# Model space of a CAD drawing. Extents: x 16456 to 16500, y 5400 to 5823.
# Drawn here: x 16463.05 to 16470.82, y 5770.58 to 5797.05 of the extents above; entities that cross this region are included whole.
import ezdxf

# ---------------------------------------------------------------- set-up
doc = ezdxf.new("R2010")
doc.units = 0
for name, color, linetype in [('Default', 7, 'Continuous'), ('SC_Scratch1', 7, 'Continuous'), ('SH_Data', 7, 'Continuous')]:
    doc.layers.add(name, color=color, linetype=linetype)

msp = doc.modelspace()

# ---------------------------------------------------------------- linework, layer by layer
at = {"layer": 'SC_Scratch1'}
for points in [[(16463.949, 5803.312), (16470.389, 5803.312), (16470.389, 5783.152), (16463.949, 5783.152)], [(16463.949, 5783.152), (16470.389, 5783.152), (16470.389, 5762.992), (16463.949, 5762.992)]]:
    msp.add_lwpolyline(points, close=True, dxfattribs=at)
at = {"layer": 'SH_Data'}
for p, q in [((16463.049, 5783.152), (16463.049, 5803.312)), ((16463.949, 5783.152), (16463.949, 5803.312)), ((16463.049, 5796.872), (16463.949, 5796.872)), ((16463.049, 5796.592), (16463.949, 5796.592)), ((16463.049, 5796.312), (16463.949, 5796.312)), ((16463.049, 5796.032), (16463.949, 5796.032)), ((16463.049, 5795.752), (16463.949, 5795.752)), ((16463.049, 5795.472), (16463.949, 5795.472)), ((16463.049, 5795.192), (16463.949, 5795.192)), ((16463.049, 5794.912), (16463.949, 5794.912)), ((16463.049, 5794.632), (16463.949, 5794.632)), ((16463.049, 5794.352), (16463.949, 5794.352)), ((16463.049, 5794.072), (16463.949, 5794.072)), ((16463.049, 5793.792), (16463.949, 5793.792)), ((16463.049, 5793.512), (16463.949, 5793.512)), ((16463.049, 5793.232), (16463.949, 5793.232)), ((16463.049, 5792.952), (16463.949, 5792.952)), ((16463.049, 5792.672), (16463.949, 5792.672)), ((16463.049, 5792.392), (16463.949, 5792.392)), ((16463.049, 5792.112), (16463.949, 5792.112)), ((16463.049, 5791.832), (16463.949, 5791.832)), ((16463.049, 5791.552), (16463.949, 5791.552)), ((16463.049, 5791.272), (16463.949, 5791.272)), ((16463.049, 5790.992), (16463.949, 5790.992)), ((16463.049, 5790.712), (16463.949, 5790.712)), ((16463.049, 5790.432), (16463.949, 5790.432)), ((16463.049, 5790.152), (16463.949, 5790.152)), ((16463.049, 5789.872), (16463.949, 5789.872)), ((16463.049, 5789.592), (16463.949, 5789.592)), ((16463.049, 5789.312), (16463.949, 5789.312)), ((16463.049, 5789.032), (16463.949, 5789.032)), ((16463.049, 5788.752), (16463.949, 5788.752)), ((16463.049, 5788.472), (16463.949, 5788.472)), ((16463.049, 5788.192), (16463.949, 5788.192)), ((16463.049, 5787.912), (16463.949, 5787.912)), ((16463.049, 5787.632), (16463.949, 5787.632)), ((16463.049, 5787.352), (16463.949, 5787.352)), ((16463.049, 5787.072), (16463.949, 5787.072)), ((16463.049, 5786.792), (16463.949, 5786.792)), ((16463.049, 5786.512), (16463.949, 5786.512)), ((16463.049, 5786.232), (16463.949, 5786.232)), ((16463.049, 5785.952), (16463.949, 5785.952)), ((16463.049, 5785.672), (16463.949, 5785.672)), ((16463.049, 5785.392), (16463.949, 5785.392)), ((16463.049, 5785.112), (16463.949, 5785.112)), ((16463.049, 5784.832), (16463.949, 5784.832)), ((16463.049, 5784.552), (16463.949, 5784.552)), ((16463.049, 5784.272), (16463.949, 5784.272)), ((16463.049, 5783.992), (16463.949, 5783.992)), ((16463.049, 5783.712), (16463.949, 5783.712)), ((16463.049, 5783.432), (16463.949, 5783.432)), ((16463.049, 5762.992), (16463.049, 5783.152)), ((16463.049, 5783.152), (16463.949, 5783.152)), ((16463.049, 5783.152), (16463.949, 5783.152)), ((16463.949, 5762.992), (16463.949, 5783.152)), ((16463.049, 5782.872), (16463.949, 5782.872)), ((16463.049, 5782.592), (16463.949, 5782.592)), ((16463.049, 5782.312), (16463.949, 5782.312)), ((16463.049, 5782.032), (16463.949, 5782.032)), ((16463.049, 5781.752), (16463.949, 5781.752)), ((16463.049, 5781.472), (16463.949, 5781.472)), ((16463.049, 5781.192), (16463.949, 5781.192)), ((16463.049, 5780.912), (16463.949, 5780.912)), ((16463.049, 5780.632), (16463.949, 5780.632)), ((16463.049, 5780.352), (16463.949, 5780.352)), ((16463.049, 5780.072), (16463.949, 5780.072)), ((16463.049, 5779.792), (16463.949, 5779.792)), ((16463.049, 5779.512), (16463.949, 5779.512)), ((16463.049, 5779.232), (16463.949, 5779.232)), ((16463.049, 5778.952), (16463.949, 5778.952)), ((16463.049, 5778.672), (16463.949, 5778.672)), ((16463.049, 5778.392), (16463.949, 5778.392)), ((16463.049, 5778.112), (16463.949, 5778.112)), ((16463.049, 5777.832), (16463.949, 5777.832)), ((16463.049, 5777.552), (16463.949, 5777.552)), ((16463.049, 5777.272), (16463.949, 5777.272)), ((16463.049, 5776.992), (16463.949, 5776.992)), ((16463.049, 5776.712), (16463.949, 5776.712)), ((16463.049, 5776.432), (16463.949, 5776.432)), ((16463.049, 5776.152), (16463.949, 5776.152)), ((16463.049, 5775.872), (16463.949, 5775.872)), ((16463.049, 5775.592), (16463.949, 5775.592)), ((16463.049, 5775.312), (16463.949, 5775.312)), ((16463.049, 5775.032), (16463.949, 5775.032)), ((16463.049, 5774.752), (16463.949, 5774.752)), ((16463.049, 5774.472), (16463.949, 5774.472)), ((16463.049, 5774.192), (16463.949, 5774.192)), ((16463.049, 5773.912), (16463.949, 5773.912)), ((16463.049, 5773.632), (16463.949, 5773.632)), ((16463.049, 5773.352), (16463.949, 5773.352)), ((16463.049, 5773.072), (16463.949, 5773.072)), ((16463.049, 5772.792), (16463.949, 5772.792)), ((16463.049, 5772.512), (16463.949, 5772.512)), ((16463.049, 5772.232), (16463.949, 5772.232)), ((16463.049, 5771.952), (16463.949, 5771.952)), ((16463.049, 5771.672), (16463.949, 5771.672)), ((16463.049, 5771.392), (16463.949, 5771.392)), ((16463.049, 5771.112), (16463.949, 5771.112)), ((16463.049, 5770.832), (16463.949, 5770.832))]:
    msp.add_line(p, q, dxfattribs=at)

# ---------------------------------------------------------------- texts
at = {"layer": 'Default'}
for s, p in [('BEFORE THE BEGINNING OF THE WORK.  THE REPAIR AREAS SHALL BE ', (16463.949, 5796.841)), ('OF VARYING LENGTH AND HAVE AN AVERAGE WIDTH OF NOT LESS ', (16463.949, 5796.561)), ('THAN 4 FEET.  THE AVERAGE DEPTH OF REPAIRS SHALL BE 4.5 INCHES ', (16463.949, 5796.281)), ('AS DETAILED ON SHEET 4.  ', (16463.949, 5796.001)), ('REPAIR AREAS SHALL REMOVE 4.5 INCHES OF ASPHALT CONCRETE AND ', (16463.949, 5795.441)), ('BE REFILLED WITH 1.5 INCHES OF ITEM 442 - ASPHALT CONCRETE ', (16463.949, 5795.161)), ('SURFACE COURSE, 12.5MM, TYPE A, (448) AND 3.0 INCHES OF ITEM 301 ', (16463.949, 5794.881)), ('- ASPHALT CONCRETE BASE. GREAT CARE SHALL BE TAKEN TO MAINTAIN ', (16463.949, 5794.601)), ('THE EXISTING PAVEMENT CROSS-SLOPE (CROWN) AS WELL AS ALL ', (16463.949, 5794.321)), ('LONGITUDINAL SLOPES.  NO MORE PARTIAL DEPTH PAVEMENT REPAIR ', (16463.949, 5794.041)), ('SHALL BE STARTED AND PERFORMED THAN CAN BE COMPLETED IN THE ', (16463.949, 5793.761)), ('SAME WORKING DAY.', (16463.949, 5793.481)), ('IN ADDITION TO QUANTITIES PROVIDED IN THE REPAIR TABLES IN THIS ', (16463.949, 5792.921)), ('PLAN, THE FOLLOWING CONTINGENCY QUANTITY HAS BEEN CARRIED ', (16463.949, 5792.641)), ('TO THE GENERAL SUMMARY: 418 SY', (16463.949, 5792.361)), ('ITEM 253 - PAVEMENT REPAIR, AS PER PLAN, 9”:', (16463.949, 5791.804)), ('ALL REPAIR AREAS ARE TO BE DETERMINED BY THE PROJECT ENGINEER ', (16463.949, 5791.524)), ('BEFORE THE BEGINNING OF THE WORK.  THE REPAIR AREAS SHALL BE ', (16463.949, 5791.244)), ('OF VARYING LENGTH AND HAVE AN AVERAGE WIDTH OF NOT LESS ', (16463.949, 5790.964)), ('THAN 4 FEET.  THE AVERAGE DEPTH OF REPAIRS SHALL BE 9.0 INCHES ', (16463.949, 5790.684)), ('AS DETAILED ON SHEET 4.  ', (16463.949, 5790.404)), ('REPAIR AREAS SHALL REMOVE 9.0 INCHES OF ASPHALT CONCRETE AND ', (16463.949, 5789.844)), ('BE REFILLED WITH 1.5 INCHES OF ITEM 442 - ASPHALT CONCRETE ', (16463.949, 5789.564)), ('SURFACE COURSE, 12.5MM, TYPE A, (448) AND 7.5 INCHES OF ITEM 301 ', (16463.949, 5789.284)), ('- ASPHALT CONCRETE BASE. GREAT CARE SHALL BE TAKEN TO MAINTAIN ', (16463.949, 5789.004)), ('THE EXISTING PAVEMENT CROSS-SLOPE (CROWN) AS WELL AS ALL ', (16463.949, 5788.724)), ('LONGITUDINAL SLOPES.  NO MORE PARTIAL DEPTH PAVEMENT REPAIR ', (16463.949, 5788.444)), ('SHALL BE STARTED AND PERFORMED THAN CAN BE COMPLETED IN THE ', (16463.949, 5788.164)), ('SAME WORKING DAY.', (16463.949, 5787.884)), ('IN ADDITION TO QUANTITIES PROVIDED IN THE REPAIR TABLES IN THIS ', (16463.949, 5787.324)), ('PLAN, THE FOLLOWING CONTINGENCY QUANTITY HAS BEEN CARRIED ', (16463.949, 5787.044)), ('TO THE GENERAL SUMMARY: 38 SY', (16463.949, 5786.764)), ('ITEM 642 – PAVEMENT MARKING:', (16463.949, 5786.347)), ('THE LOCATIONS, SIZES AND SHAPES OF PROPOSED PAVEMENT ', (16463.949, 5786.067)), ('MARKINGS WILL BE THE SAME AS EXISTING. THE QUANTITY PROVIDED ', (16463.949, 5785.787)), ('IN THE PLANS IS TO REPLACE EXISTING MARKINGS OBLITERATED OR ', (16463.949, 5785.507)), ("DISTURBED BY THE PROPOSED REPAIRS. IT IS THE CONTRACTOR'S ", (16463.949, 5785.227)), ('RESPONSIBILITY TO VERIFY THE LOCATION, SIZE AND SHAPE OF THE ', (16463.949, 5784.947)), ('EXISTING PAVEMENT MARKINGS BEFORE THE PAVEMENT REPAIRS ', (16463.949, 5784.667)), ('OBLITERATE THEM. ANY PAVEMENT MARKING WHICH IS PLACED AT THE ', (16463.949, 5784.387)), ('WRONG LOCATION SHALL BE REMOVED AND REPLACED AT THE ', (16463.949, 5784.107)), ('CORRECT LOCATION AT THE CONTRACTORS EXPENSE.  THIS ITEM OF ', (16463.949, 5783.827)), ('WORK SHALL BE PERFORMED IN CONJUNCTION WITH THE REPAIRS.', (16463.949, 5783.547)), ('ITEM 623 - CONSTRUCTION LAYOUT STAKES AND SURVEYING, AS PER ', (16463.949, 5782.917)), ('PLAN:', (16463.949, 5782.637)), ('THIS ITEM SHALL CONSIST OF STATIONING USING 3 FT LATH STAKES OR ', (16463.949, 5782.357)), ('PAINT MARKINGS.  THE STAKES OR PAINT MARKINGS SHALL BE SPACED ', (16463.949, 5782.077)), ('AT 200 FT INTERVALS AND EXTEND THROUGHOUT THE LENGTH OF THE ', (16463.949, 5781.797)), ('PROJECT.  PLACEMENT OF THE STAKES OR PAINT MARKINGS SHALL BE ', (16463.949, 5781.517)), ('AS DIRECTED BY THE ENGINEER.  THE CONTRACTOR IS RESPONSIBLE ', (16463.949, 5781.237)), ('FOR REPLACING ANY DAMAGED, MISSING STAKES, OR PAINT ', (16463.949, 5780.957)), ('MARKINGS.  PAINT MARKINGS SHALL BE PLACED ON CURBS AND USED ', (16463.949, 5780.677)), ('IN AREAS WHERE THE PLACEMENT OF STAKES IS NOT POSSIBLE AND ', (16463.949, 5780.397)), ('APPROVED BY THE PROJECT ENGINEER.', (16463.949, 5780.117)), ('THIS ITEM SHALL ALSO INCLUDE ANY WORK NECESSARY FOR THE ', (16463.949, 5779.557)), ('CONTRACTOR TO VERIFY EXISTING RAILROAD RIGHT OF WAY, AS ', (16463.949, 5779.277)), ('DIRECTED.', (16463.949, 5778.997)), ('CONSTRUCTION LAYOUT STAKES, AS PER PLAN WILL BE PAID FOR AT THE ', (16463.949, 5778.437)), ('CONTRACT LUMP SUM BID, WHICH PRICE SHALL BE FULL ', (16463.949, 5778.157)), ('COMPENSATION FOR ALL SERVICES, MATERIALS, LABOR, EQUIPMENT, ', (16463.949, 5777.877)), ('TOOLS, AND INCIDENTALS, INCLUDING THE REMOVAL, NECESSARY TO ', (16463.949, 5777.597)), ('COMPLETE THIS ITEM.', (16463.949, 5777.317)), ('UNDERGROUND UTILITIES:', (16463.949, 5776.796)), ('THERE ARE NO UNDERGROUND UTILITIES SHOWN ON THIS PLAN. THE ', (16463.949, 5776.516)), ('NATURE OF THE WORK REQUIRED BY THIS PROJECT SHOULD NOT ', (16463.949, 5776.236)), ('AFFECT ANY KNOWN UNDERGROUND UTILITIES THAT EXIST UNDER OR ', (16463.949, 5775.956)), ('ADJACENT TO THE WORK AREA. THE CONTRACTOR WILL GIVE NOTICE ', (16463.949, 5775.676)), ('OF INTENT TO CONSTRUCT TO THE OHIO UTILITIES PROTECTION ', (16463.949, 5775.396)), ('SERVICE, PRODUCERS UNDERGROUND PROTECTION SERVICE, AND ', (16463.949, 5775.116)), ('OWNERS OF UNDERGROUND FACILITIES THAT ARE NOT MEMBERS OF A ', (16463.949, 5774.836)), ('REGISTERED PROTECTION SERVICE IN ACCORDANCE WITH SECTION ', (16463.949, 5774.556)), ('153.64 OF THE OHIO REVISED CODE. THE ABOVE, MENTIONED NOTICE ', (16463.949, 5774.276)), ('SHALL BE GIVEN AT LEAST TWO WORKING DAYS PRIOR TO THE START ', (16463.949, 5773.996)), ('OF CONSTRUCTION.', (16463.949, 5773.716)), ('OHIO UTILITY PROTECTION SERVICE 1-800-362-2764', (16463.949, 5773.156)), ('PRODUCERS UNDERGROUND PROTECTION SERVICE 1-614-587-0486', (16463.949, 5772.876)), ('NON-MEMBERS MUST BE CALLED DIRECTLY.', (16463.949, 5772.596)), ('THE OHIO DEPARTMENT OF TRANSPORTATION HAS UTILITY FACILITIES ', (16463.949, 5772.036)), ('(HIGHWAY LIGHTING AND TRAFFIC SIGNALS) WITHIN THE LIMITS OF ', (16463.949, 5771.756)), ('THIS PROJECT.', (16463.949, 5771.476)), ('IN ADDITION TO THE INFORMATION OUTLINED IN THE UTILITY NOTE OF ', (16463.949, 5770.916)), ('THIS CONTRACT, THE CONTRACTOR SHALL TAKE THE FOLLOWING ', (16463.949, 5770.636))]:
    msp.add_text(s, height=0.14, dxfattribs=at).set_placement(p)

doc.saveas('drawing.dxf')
________________
Only an exact reproduction of the lines from the one with "msp.add_text(s, height=0.14, dxfattribs=at).set_placement(p)" to the end of the listing is expected.

    msp.add_text(s, height=0.14, dxfattribs=at).set_placement(p)

doc.saveas('drawing.dxf')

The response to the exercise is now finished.